---------- RECORDS

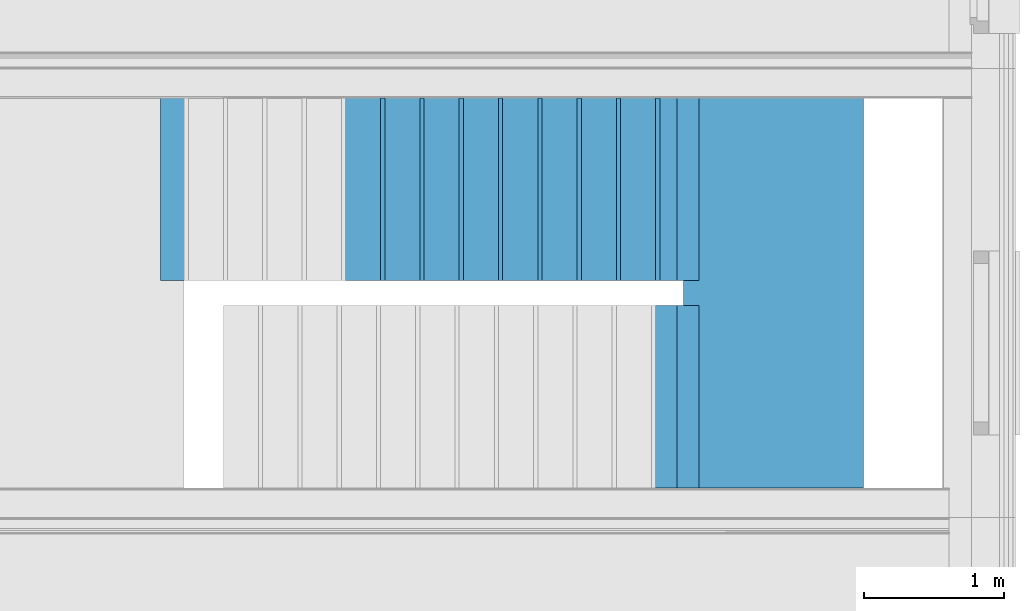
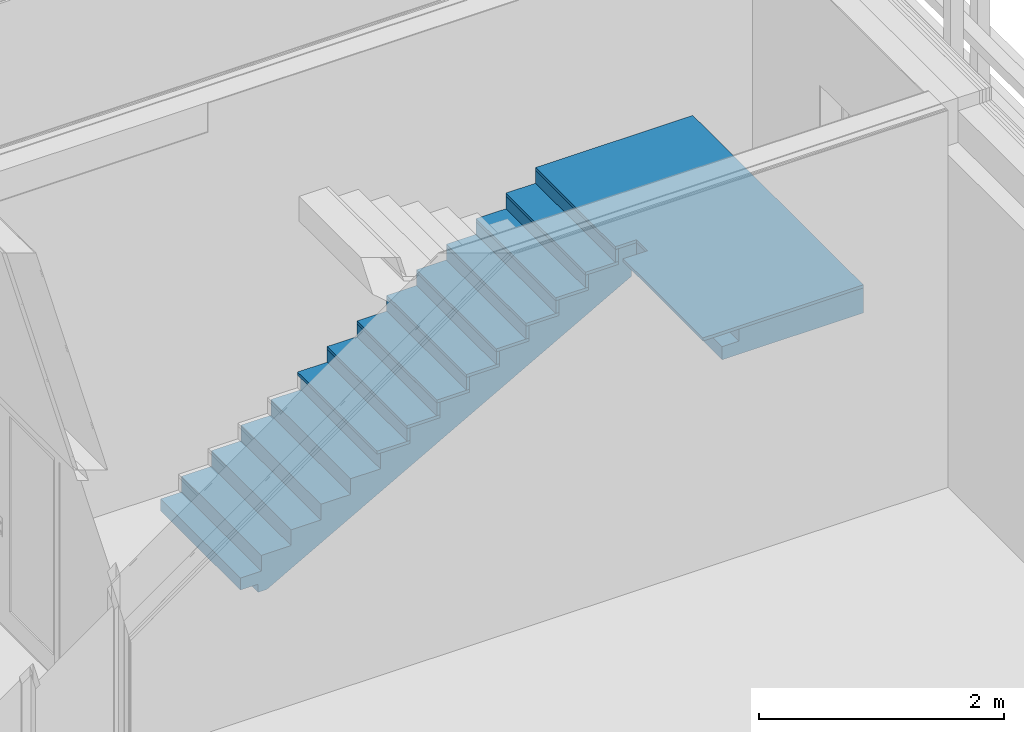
# One storey, part 45 of 139: 19 members, 1 element without a shape of its own.
"""IFC2X3 building model written with IfcOpenShell, lengths in millimetres."""

from ifc_helpers import new_model, entity, si_unit, converted_unit, derived_unit, money_unit, direction, frame, origin_with_axes, place, context, subcontext, project, spatial, faceted_brep, material, type_object, element, aggregate, save


model = new_model("IFC2X3")

# Units and contexts
model_context = context("Model", 3, precision=0.01, world=origin_with_axes(), true_north=direction((0.0, 1.0)))
body_context = subcontext(model_context, "Body", "Model", "MODEL_VIEW")
ifc_project = project(units=[si_unit("LENGTHUNIT", "METRE", prefix="MILLI"), si_unit("AREAUNIT", "SQUARE_METRE"), si_unit("VOLUMEUNIT", "CUBIC_METRE"), converted_unit("PLANEANGLEUNIT", "DEGREE", entity("IfcPlaneAngleMeasure", 0.0174532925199), si_unit("PLANEANGLEUNIT", "RADIAN"), dimensions=[0, 0, 0, 0, 0, 0, 0]), money_unit("EUR"), converted_unit("TIMEUNIT", "Year", entity("IfcTimeMeasure", 31556926.0), si_unit("TIMEUNIT", "SECOND"), dimensions=[0, 0, 1, 0, 0, 0, 0]), si_unit("MASSUNIT", "GRAM", prefix="KILO"), si_unit("THERMODYNAMICTEMPERATUREUNIT", "DEGREE_CELSIUS"), si_unit("LUMINOUSINTENSITYUNIT", "LUMEN"), si_unit("ENERGYUNIT", "JOULE", prefix="MEGA"), derived_unit("THERMALCONDUCTANCEUNIT", [(si_unit("POWERUNIT", "WATT"), 1), (si_unit("LENGTHUNIT", "METRE"), -1), (si_unit("THERMODYNAMICTEMPERATUREUNIT", "KELVIN"), -1)]), derived_unit("SPECIFICHEATCAPACITYUNIT", [(si_unit("ENERGYUNIT", "JOULE"), 1), (si_unit("MASSUNIT", "GRAM", prefix="KILO"), -1), (si_unit("THERMODYNAMICTEMPERATUREUNIT", "KELVIN"), -1)]), derived_unit("MASSDENSITYUNIT", [(si_unit("MASSUNIT", "GRAM", prefix="KILO"), 1), (si_unit("VOLUMEUNIT", "CUBIC_METRE"), -1)])], contexts=[model_context])

# Site, building, storey
site_placement = place(None, origin_with_axes())
site = spatial("IfcSite", under=ifc_project, at=site_placement, Name="Kolde pst 67a", CompositionType="ELEMENT")
building_placement = place(site_placement, origin_with_axes())
building = spatial("IfcBuilding", under=site, at=building_placement, Name="Riigigümnaasium", CompositionType="ELEMENT")
storey_placement = place(building_placement, frame((0.0, 0.0, 4600.0), z_axis=(0.0, 0.0, 1.0), x_axis=(1.0, 0.0, 0.0)))
storey = spatial("IfcBuildingStorey", under=building, at=storey_placement, Name="2. korrus", CompositionType="ELEMENT", Elevation=4600.0)

# Stair, members
stair_placement = place(storey_placement, frame((78829.6164915, 9409.92216773, 0.0), z_axis=(0.0, 0.0, 1.0), x_axis=(0.999999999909, 1.34692449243e-05, 0.0)))
stair = element("IfcStair", 1, at=stair_placement, inside=storey, Name="TREPP", ShapeType="NOTDEFINED")
ifc_material_1 = material(Name="_KANDETARIND - raudbetoon C25/30 vastavalt EK osale")
member_type_1 = type_object("IfcMemberType", Name="IfcMember", PredefinedType="USERDEFINED")
member_1_placement = place(stair_placement, origin_with_axes())
member_1 = element("IfcMember", 2, at=member_1_placement, type_object=member_type_1, material=ifc_material_1, Name="TT KONSTRUKTSIOON - 008", ObjectType="Stair Structure", context=body_context, shape_type="Brep", body=[
    faceted_brep([(-0.000269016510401, -19.9999986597, -150.0), (-168.000269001, -19.9977380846, -150.0), (-167.982777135, 1279.95179541, -150.0), (0.0172228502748, 1279.94953483, -150.0), (3266.66639711, -20.0439435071, 1547.14250951), (3359.99975694, -20.0451786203, 1599.2258577), (3509.99975692, -20.0472030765, 1682.9312149), (3509.99975692, -20.047203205, 1881.25), (3669.99974685, -20.0493624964, 1881.25), (3669.99974685, -20.0493624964, 2001.25), (3389.99972087, -20.045583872, 2001.25), (3389.99972087, -20.045583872, 1845.0), (3359.99973837, -20.0451947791, 1845.0), (3109.9997307, -20.0418320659, 1845.0), (3109.9997307, -20.0418320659, 1688.75), (2829.99973073, -20.0380662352, 1688.75), (2829.99973073, -20.0380662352, 1532.5), (2549.99973075, -20.0343004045, 1532.5), (2549.99973075, -20.0343004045, 1376.25), (2269.99973078, -20.0305329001, 1376.25), (2269.99973078, -20.0305329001, 1220.0), (1989.9997308, -20.0267670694, 1220.0), (1989.9997308, -20.0267670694, 1063.75), (1709.99973083, -20.0230012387, 1063.75), (1709.99973083, -20.0230012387, 907.5), (1429.99973085, -20.019235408, 907.5), (1429.99973085, -20.019235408, 751.25), (1149.99973088, -20.0154679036, 751.25), (1149.99973088, -20.0154679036, 595.0), (869.999730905, -20.0117020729, 595.0), (869.999730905, -20.0117020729, 438.75), (589.99973093, -20.0079362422, 438.75), (589.99973093, -20.0079362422, 282.5), (309.999730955, -20.0041704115, 282.5), (309.999730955, -20.0041704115, 126.25), (29.9997309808, -20.0004029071, 126.25), (29.9997309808, -20.0004029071, -30.0), (-0.000269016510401, -19.9999986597, -30.0), (-168.000269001, -19.9977380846, -30.0), (-0.00026901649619, -19.9999995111, -230.0), (82.0270205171, -20.0011033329, -230.0), (93.3330643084, -20.0012554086, -223.690823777), (186.666397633, -20.0025108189, -171.607490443), (279.999730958, -20.0037662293, -119.52415711), (373.333064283, -20.0050216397, -67.4408237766), (466.666397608, -20.00627705, -15.3574904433), (559.999730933, -20.0075324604, 36.72584289), (653.333064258, -20.0087946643, 88.8091762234), (746.666397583, -20.0100500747, 140.892509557), (839.999730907, -20.0113013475, 192.97584289), (933.333064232, -20.0125567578, 245.059176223), (1026.66639756, -20.0138121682, 297.142509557), (1119.99973088, -20.0150649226, 349.22584289), (1213.33306421, -20.016320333, 401.309176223), (1306.66639753, -20.0175757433, 453.392509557), (1399.99973086, -20.0188311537, 505.47584289), (1493.33306418, -20.0200865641, 557.559176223), (1586.66639751, -20.0213419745, 609.642509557), (1679.99973083, -20.0225973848, 661.72584289), (1773.33306416, -20.0238603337, 713.809176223), (1866.66639748, -20.0251157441, 765.892509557), (1959.99973081, -20.0263670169, 817.97584289), (2053.33306413, -20.0276224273, 870.059176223), (2146.66639746, -20.0288778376, 922.142509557), (2239.99973078, -20.030129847, 974.22584289), (2333.33306411, -20.0313852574, 1026.30917622), (2426.66639743, -20.0326406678, 1078.39250956), (2519.99973076, -20.0338960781, 1130.47584289), (2613.33306408, -20.0351514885, 1182.55917622), (2706.66639741, -20.0364068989, 1234.64250955), (2799.99973073, -20.0376623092, 1286.72584288), (2893.33306405, -20.0389260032, 1338.80917622), (2986.66639738, -20.0401814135, 1390.89250955), (3079.9997307, -20.0414326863, 1442.97584289), (3173.33306391, -20.0426880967, 1495.05917619), (-167.982777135, 1279.95179541, -30.0), (3110.0172161, 1279.90770325, 1845.0), (3360.01721087, 1279.9043446, 1845.0), (3390.01720204, 1279.90393313, 1845.0), (3390.01720204, 1279.90393313, 2001.25), (3670.01722799, 1279.90015618, 2001.25), (3670.01722799, 1279.90015618, 1881.25), (3510.01723807, 1279.90231488, 1881.25), (3510.01723807, 1279.9023156, 1682.93121232), (3360.01723808, 1279.90434006, 1599.22585513), (3266.68388275, 1279.9056005, 1547.14250951), (3173.35054942, 1279.90685591, 1495.05917619), (3080.0172161, 1279.90811132, 1442.97584287), (2986.68388277, 1279.90936673, 1390.89250955), (2893.35054945, 1279.91062214, 1338.80917622), (2800.01721612, 1279.91187755, 1286.72584289), (2706.6838828, 1279.91313296, 1234.64250956), (2613.35054947, 1279.91438837, 1182.55917622), (2520.01721615, 1279.91564378, 1130.47584289), (2426.68388282, 1279.91689919, 1078.39250956), (2333.3505495, 1279.9181546, 1026.30917622), (2240.01721618, 1279.91941001, 974.22584289), (2146.68388285, 1279.92066542, 922.142509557), (2053.35054953, 1279.92192083, 870.059176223), (1960.0172162, 1279.92317624, 817.97584289), (1866.68388288, 1279.92443165, 765.892509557), (1773.35054955, 1279.92568706, 713.809176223), (1680.01721623, 1279.92694247, 661.72584289), (1586.6838829, 1279.92819788, 609.642509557), (1493.35054958, 1279.92945329, 557.559176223), (1400.01721625, 1279.9307087, 505.47584289), (1306.68388293, 1279.93196411, 453.392509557), (1213.3505496, 1279.93321952, 401.309176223), (1120.01721628, 1279.93447493, 349.22584289), (1026.68388295, 1279.93573034, 297.142509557), (933.350549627, 1279.93698575, 245.059176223), (840.017216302, 1279.93824116, 192.97584289), (746.683882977, 1279.93949658, 140.892509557), (653.350549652, 1279.94075199, 88.8091762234), (560.017216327, 1279.9420074, 36.72584289), (466.683883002, 1279.94326281, -15.3574904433), (373.350549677, 1279.94451822, -67.4408237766), (280.017216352, 1279.94577363, -119.52415711), (186.683883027, 1279.94702401, -171.607490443), (93.3505497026, 1279.94827942, -223.690823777), (82.0445059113, 1279.9484315, -230.0), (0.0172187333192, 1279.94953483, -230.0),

--------------------

> _ABOUT THIS EXERCISE_: Copy range, inclusive: the line holding "# Stair, members" to the line holding "- raudbetoon C25/30". Reproduce exactly those lines of the records above and no others.

> _ANSWER SPACE_:
# Stair, members
stair_placement = place(storey_placement, frame((78829.6164915, 9409.92216773, 0.0), z_axis=(0.0, 0.0, 1.0), x_axis=(0.999999999909, 1.34692449243e-05, 0.0)))
stair = element("IfcStair", 1, at=stair_placement, inside=storey, Name="TREPP", ShapeType="NOTDEFINED")
ifc_material_1 = material(Name="_KANDETARIND - raudbetoon C25/30 vastavalt EK osale")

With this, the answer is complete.